“Very likely,” said Roderick. “But it is not the sort of expression I care for. I care only for perfect beauty. There it is, if you want to know it! That ’s as good a profession of faith as another. In future, so far as my things are not positively beautiful, you may set them down as failures. For me, it ’s either that or nothing. It ’s against the taste of the day, I know; we have really lost the faculty to understand beauty in the large, ideal way. We stand like a race with shrunken muscles, staring helplessly at the weights our forefathers easily lifted. But I don’t hesitate to proclaim it—I mean to lift them again! I mean to go in for big things; that ’s my notion of my art. I mean to do things that will be simple and vast and infinite. You ’ll see if they won’t be infinite! Excuse me if I brag a little; all those Italian fellows in the Renaissance used to brag. There was a sensation once common, I am sure, in the human breast—a kind of religious awe in the presence of a marble image newly created and expressing the human type in superhuman purity. When Phidias and Praxiteles had their statues of goddesses unveiled in the temples of the AEgean, don’t you suppose there was a passionate beating of hearts, a thrill of mysterious terror? I mean to bring it back; I mean to thrill the world again! I mean to produce a Juno that will make you tremble, a Venus that will make you swoon!”

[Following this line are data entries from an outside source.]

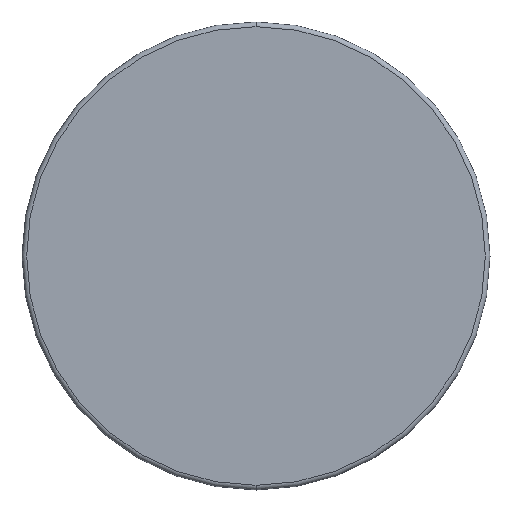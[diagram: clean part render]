
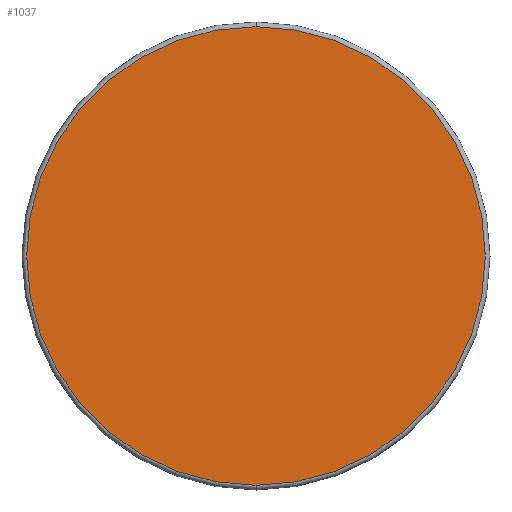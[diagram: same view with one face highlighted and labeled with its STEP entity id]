
A CAD part, front view. The second image highlights one B-rep face of the part: STEP entity #1037.
In plain terms, the highlighted planar face has unit normal (0, -1, 0).
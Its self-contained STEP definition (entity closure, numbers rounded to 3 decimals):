
#8 = AXIS2_PLACEMENT_3D ( 'NONE', #17, #382, #200 ) ;
#17 = CARTESIAN_POINT ( 'NONE',  ( 0., 0., 0. ) ) ;
#28 = ORIENTED_EDGE ( 'NONE', *, *, #462, .T. ) ;
#200 = DIRECTION ( 'NONE',  ( 0., 0., -1. ) ) ;
#267 = VERTEX_POINT ( 'NONE', #967 ) ;
#302 = ORIENTED_EDGE ( 'NONE', *, *, #593, .T. ) ;
#382 = DIRECTION ( 'NONE',  ( 0., -1., 0. ) ) ;
#462 = EDGE_CURVE ( 'NONE', #267, #646, #845, .T. ) ;
#508 = FACE_OUTER_BOUND ( 'NONE', #1084, .T. ) ;
#530 = CARTESIAN_POINT ( 'NONE',  ( 0., 0., 0. ) ) ;
#554 = DIRECTION ( 'NONE',  ( 0., -1., 0. ) ) ;
#593 = EDGE_CURVE ( 'NONE', #646, #267, #865, .T. ) ;
#646 = VERTEX_POINT ( 'NONE', #1041 ) ;
#767 = DIRECTION ( 'NONE',  ( 0., 0., -1. ) ) ;
#791 = PLANE ( 'NONE',  #1012 ) ;
#845 = CIRCLE ( 'NONE', #1150, 49. ) ;
#865 = CIRCLE ( 'NONE', #8, 49. ) ;
#896 = DIRECTION ( 'NONE',  ( 0., 1., 0. ) ) ;
#930 = CARTESIAN_POINT ( 'NONE',  ( 0., 0., 0. ) ) ;
#967 = CARTESIAN_POINT ( 'NONE',  ( 0., 0., 49. ) ) ;
#1012 = AXIS2_PLACEMENT_3D ( 'NONE', #530, #896, #1157 ) ;
#1037 = ADVANCED_FACE ( 'NONE', ( #508 ), #791, .F. ) ;
#1041 = CARTESIAN_POINT ( 'NONE',  ( 0., 0., -49. ) ) ;
#1084 = EDGE_LOOP ( 'NONE', ( #302, #28 ) ) ;
#1150 = AXIS2_PLACEMENT_3D ( 'NONE', #930, #554, #767 ) ;
#1157 = DIRECTION ( 'NONE',  ( 0., 0., 1. ) ) ;

“So that when we come and see you,” said Madame Grandoni, “we must be sure and bring our smelling-bottles. And pray have a few soft sofas conveniently placed.”
“Phidias and Praxiteles,” Miss Blanchard remarked, “had the advantage of believing in their goddesses. I insist on believing, for myself, that the pagan mythology is not a fiction, and that Venus and Juno and Apollo and Mercury used to come down in a cloud into this very city of Rome where we sit talking nineteenth century English.”
“Nineteenth century nonsense, my dear!” cried Madame Grandoni. “Mr. Hudson may be a new Phidias, but Venus and Juno—that ’s you and I—arrived to-day in a very dirty cab; and were cheated by the driver, too.”
“But, my dear fellow,” objected Gloriani, “you don’t mean to say you are going to make over in cold blood those poor old exploded Apollos and Hebes.”
“It won’t matter what you call them,” said Roderick. “They shall be simply divine forms. They shall be Beauty; they shall be Wisdom; they shall be Power; they shall be Genius; they shall be Daring. That ’s all the Greek divinities were.”
“That ’s rather abstract, you know,” said Miss Blanchard.
“My dear fellow,” cried Gloriani, “you ’re delightfully young.”
“I hope you ’ll not grow any older,” said Singleton, with a flush of sympathy across his large white forehead. “You can do it if you try.”
“Then there are all the Forces and Mysteries and Elements of Nature,” Roderick went on. “I mean to do the Morning; I mean to do the Night! I mean to do the Ocean and the Mountains; the Moon and the West Wind. I mean to make a magnificent statue of America!”